The FDA-CDC AR Isolate Bank is a paradigm of a public health resource that supports clinical labs at a local level to provide potentially life-saving, rapid, and up-to-date AST reporting. For example, the AR Isolate Bank includes an Enterobacteriaceae carbapenem breakpoint panel designed to assist with verification and implementation of new CLSI carbapenem breakpoints given emergence of novel resistance mechanisms. The Gram-negative carbapenemase detection panel supports verification of tests for carbapenemase production such as the modified carbapenem inactivation method (mCIM) and EDTA-mCIM (eCIM), which can distinguish serine β-lactamases from metallo-β-lactamases7. Importantly, these strain sets include an assortment of well-characterized multidrug-resistance mechanisms, such as a range of serine and metallo-carbapenemases, which would be difficult for clinical laboratories to collect comprehensively from their own patients or purchase, and thereby allow clinical laboratories to gain experience with detection of critical resistance elements in their own laboratories.
Extending this idea further, imagine strain sets distributed widely to clinical laboratories for which curated modal MIC data for each new antibiotic would be released coincident with FDA approval. Analogously, as CLSI updates breakpoints, including changes such as new susceptible dose-dependent (SDD) categories to address emerging resistance patterns, there would ideally be concomitant AR Isolate Bank deployment of strain sets with modal MICs within and bordering the relevant MIC ranges to aid laboratories in verifying and promptly adopting these revisions.

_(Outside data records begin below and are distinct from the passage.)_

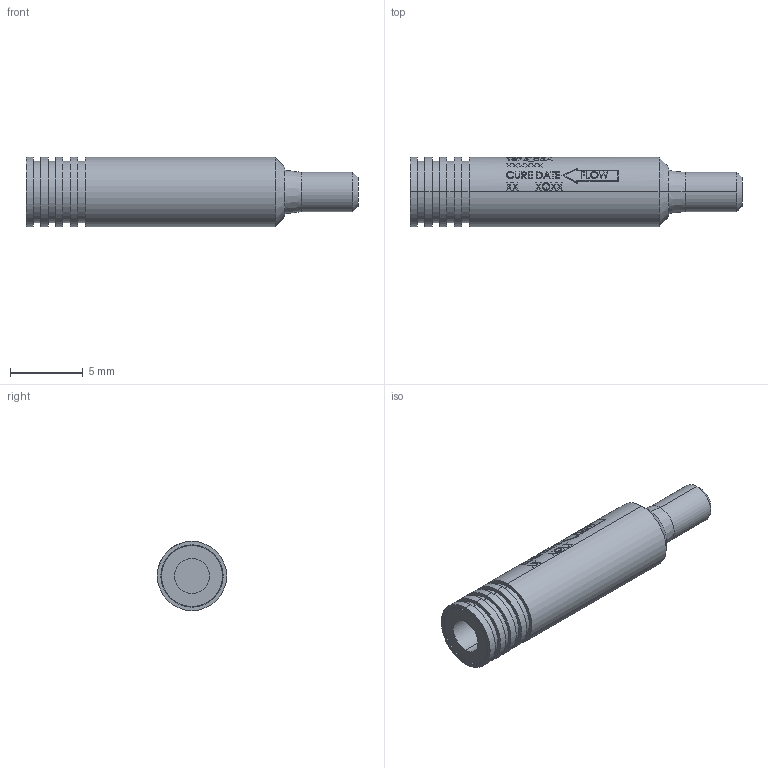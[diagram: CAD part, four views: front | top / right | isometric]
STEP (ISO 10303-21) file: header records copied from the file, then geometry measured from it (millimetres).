
FILE_DESCRIPTION (( 'STEP AP214' ), '1' );
FILE_NAME ('3DCSRA1875-05A.STEP', '2021-03-30T15:41:01', ( '' ), ( '' ), 'SwSTEP 2.0', 'SolidWorks 2019', '' );
FILE_SCHEMA (( 'AUTOMOTIVE_DESIGN' ));
Length unit declared in the file: inch
Products named in the file (1): 3DCSRA1875-05A
Bounding box: 22.86 x 4.76 x 4.76 mm (x, y, z)
Volume: 317 mm3; surface area: 400.7 mm2
Topology: 1 solids, 1 shells, 558 faces, 1471 edges, 978 vertices
Faces by surface type: bspline 259, plane 215, cylinder 76, cone 8
Entity records: 28149 total; most frequent: CARTESIAN_POINT 10042, ORIENTED_EDGE 2942, EDGE_CURVE 1471, DIRECTION 1394, VERTEX_POINT 978, B_SPLINE_CURVE_WITH_KNOTS 861, EDGE_LOOP 621, FACE_OUTER_BOUND 558
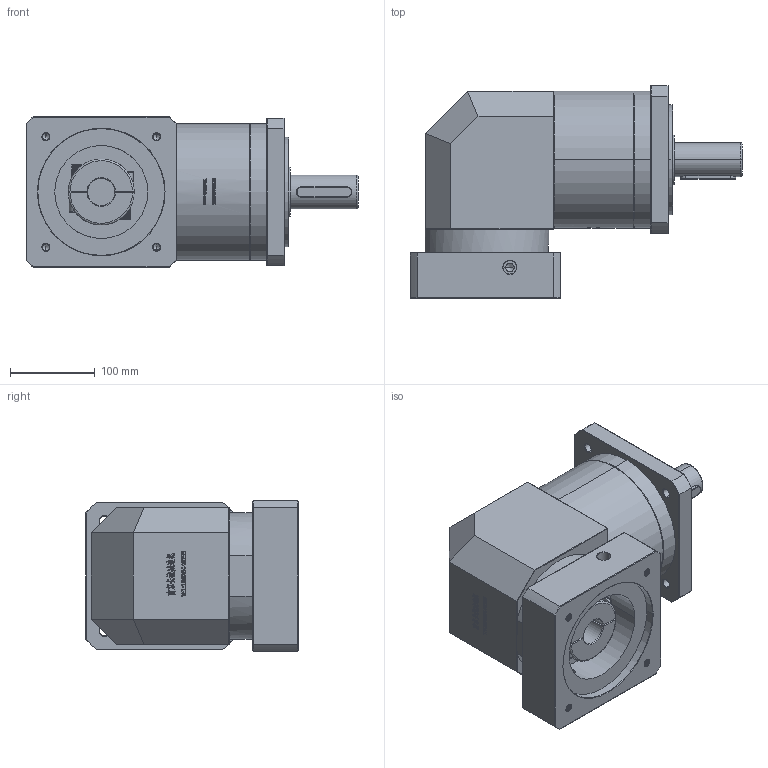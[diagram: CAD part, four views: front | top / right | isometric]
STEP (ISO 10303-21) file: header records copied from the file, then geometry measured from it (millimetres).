
FILE_DESCRIPTION (( 'STEP AP214' ), '1' );
FILE_NAME ('ZFR160A-D40-L2-32-150-185-M10.step', '2023-03-22T11:44:46', ( '' ), ( '' ), 'SwSTEP 2.0', 'SolidWorks 2016', '' );
FILE_SCHEMA (( 'AUTOMOTIVE_DESIGN' ));
Length unit declared in the file: millimetre
Products named in the file (1): ZFR160A-D40-L2-32-150-185-M10
Bounding box: 392.7 x 251.5 x 178 mm (x, y, z)
Volume: 7974110.3 mm3; surface area: 490650.4 mm2
Topology: 6 solids, 6 shells, 2514 faces, 6602 edges, 4242 vertices
Faces by surface type: plane 1273, bspline 501, cylinder 411, cone 307, torus 22
Entity records: 143528 total; most frequent: CARTESIAN_POINT 58318, ORIENTED_EDGE 13144, DIRECTION 9977, EDGE_CURVE 6572, VERTEX_POINT 4242, LINE 4149, VECTOR 4149, AXIS2_PLACEMENT_3D 2914
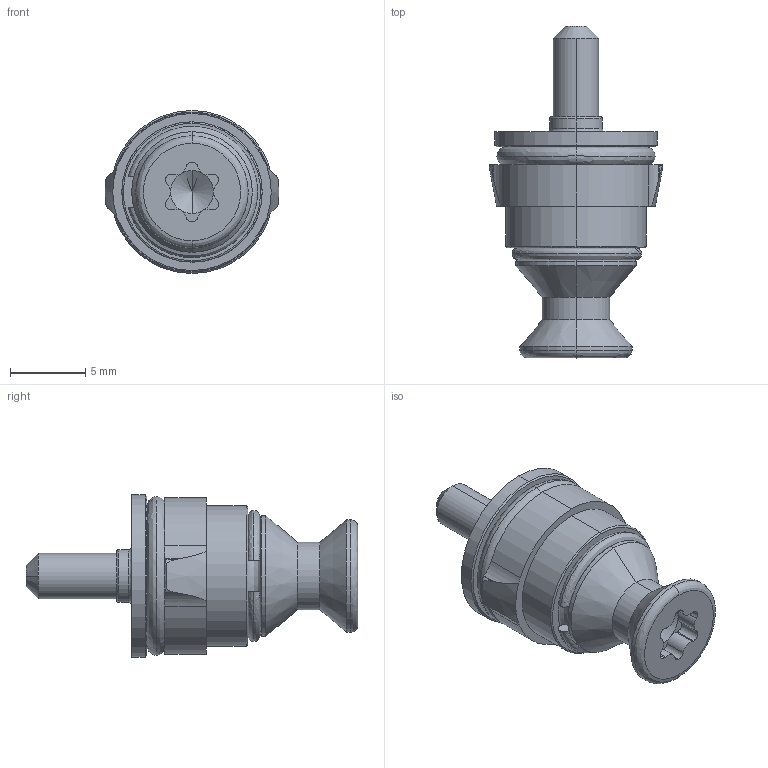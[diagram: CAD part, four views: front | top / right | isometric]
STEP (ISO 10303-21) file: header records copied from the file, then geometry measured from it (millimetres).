
FILE_DESCRIPTION (( 'STEP AP203' ), '1' );
FILE_NAME ('QS022-EAA-M3.STEP', '2016-07-11T09:15:34', ( '' ), ( '' ), 'SwSTEP 2.0', 'SolidWorks 2016', '' );
FILE_SCHEMA (( 'CONFIG_CONTROL_DESIGN' ));
Length unit declared in the file: millimetre
Products named in the file (1): QS022-EAA-M3
Bounding box: 11.52 x 22 x 10.8 mm (x, y, z)
Volume: 884.1 mm3; surface area: 1313.7 mm2
Topology: 5 solids, 5 shells, 119 faces, 282 edges, 171 vertices
Faces by surface type: cylinder 48, plane 27, bspline 22, cone 22
Entity records: 3873 total; most frequent: CARTESIAN_POINT 1129, DIRECTION 584, ORIENTED_EDGE 552, EDGE_CURVE 276, AXIS2_PLACEMENT_3D 246, VERTEX_POINT 171, CIRCLE 148, EDGE_LOOP 127
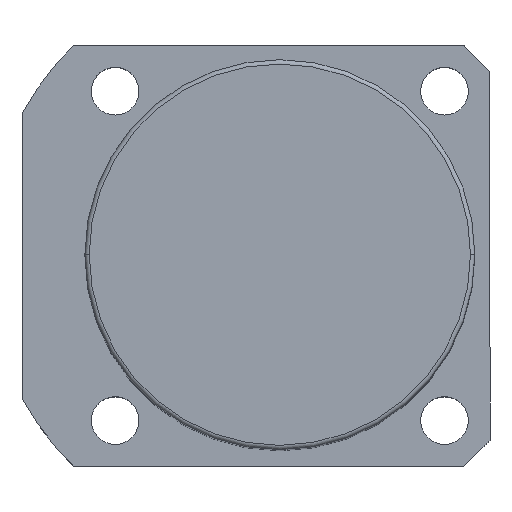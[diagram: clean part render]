
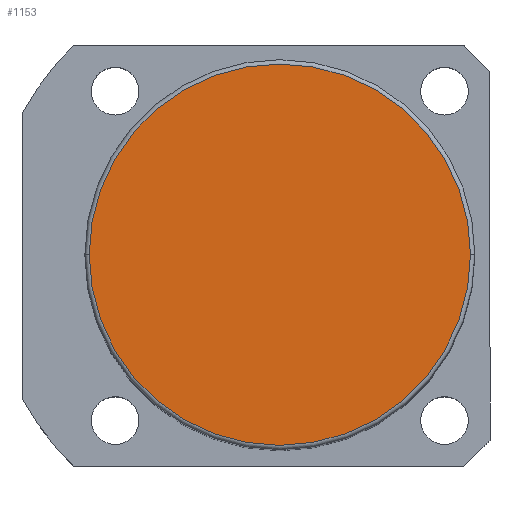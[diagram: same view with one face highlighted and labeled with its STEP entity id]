
A CAD part, top view. The second image highlights one B-rep face of the part: STEP entity #1153.
In plain terms, the highlighted planar face has unit normal (0, 0, 1).
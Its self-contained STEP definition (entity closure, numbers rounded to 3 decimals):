
#86 = CARTESIAN_POINT ( 'NONE',  ( 0., 0., 171.5 ) ) ;
#224 = DIRECTION ( 'NONE',  ( 1., 0., 0. ) ) ;
#263 = DIRECTION ( 'NONE',  ( 1., 0., 0. ) ) ;
#270 = VERTEX_POINT ( 'NONE', #1908 ) ;
#343 = EDGE_CURVE ( 'NONE', #1229, #270, #400, .T. ) ;
#400 = CIRCLE ( 'NONE', #1795, 44. ) ;
#449 = DIRECTION ( 'NONE',  ( 0., 0., 1. ) ) ;
#595 = ORIENTED_EDGE ( 'NONE', *, *, #343, .T. ) ;
#638 = EDGE_CURVE ( 'NONE', #270, #1229, #1620, .T. ) ;
#808 = CARTESIAN_POINT ( 'NONE',  ( 0., 0., 171.5 ) ) ;
#846 = ORIENTED_EDGE ( 'NONE', *, *, #638, .T. ) ;
#1055 = AXIS2_PLACEMENT_3D ( 'NONE', #86, #1493, #1307 ) ;
#1125 = PLANE ( 'NONE',  #1055 ) ;
#1153 = ADVANCED_FACE ( 'NONE', ( #1600 ), #1125, .T. ) ;
#1229 = VERTEX_POINT ( 'NONE', #1502 ) ;
#1307 = DIRECTION ( 'NONE',  ( 1., 0., 0. ) ) ;
#1430 = DIRECTION ( 'NONE',  ( 0., 0., 1. ) ) ;
#1493 = DIRECTION ( 'NONE',  ( 0., 0., 1. ) ) ;
#1502 = CARTESIAN_POINT ( 'NONE',  ( -44., 0., 171.5 ) ) ;
#1600 = FACE_OUTER_BOUND ( 'NONE', #2216, .T. ) ;
#1620 = CIRCLE ( 'NONE', #2101, 44. ) ;
#1795 = AXIS2_PLACEMENT_3D ( 'NONE', #2125, #1430, #224 ) ;
#1908 = CARTESIAN_POINT ( 'NONE',  ( 44., 0., 171.5 ) ) ;
#2101 = AXIS2_PLACEMENT_3D ( 'NONE', #808, #449, #263 ) ;
#2125 = CARTESIAN_POINT ( 'NONE',  ( 0., 0., 171.5 ) ) ;
#2216 = EDGE_LOOP ( 'NONE', ( #846, #595 ) ) ;

Particularly in the superbug era, accurate AST reporting of SDD categories formerly classified as “intermediate” can be crucial in providing appropriate salvage therapeutic options for multidrug resistant infections8.
In summary, the recently created FDA-CDC AR Isolate Bank provides welcome support for clinical microbiology laboratories as well as a resource for researchers, diagnostics, and pharmaceutical companies. This resource should be supported and strengthened, and ongoing “free availability” maintained with release/updating of panels to coincide with new drug approvals to counterbalance disincentives for clinical laboratories and companies to invest in capacity for rarely used antimicrobials and testing.
Dare we ask?
We also might consider, if new AST methods were appropriately vetted by the FDA, the encore verification performance by clinical laboratories, whether limited or extensive, seems superfluous. We estimate that it takes approximately 2 days of technologist and director time to validate a new E-test or disk method with 30–40 strains-that is a discouraging barrier for bringing new AST tests on board. Importantly, labs also perform a mini-verification every time they perform a test by running quality control (QC) testing with confirmation that results are within specified limits (individualized quality control plan, IQCP, exceptions aside). Presumably QC requirements are deemed appropriately discriminatory for evaluation of ongoing assay performance, so why the initial extra verification step? Verification should be an issue for initial vetting by the manufacturer with appropriately large, representative strain sets, and test product deficits should not fall under the purview of post marketing discovery by laboratories with greatly differing capabilities. If this seemingly redundant and purposefully vague verification requirement were lifted, the broad array of AST testing for new drugs could be implemented within days! Another option, although potentially burdensome and perhaps unnecessary, would be to task a set of high complexity clinical laboratories on a volunteer basis or possibly with some financial recompense to perform an independent assessment to verify manufacturer’s claims that could be relied upon by the field.
Antimicrobial Resistance Laboratory Network (ARLN).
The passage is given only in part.